Extracted records:
=======
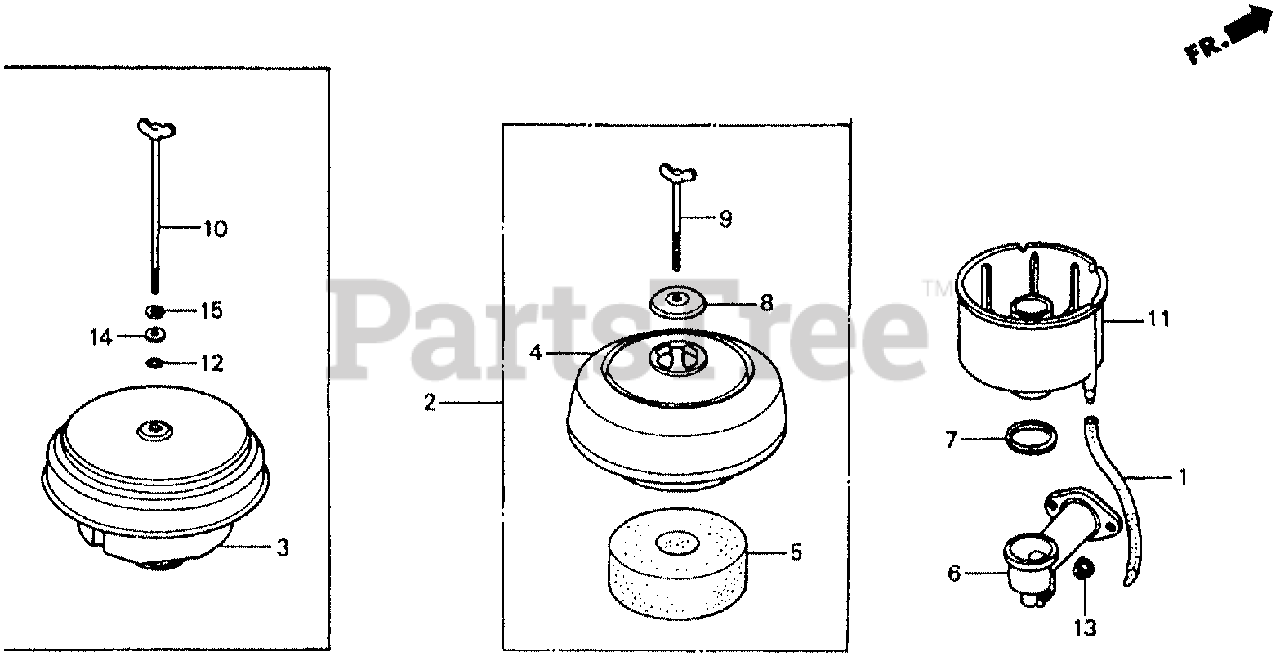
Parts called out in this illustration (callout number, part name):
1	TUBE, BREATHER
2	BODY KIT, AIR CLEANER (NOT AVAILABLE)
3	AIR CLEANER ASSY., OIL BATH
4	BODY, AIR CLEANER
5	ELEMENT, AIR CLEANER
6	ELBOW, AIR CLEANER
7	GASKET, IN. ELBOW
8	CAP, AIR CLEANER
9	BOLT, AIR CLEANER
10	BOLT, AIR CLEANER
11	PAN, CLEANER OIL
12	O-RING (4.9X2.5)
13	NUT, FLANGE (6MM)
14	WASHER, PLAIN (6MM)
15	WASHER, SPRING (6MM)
=======
What's needed is an exact copy of every entry, free of pictures.

*Expected output*
Parts called out in this illustration (callout number, part name):
1	TUBE, BREATHER
2	BODY KIT, AIR CLEANER (NOT AVAILABLE)
3	AIR CLEANER ASSY., OIL BATH
4	BODY, AIR CLEANER
5	ELEMENT, AIR CLEANER
6	ELBOW, AIR CLEANER
7	GASKET, IN. ELBOW
8	CAP, AIR CLEANER
9	BOLT, AIR CLEANER
10	BOLT, AIR CLEANER
11	PAN, CLEANER OIL
12	O-RING (4.9X2.5)
13	NUT, FLANGE (6MM)
14	WASHER, PLAIN (6MM)
15	WASHER, SPRING (6MM)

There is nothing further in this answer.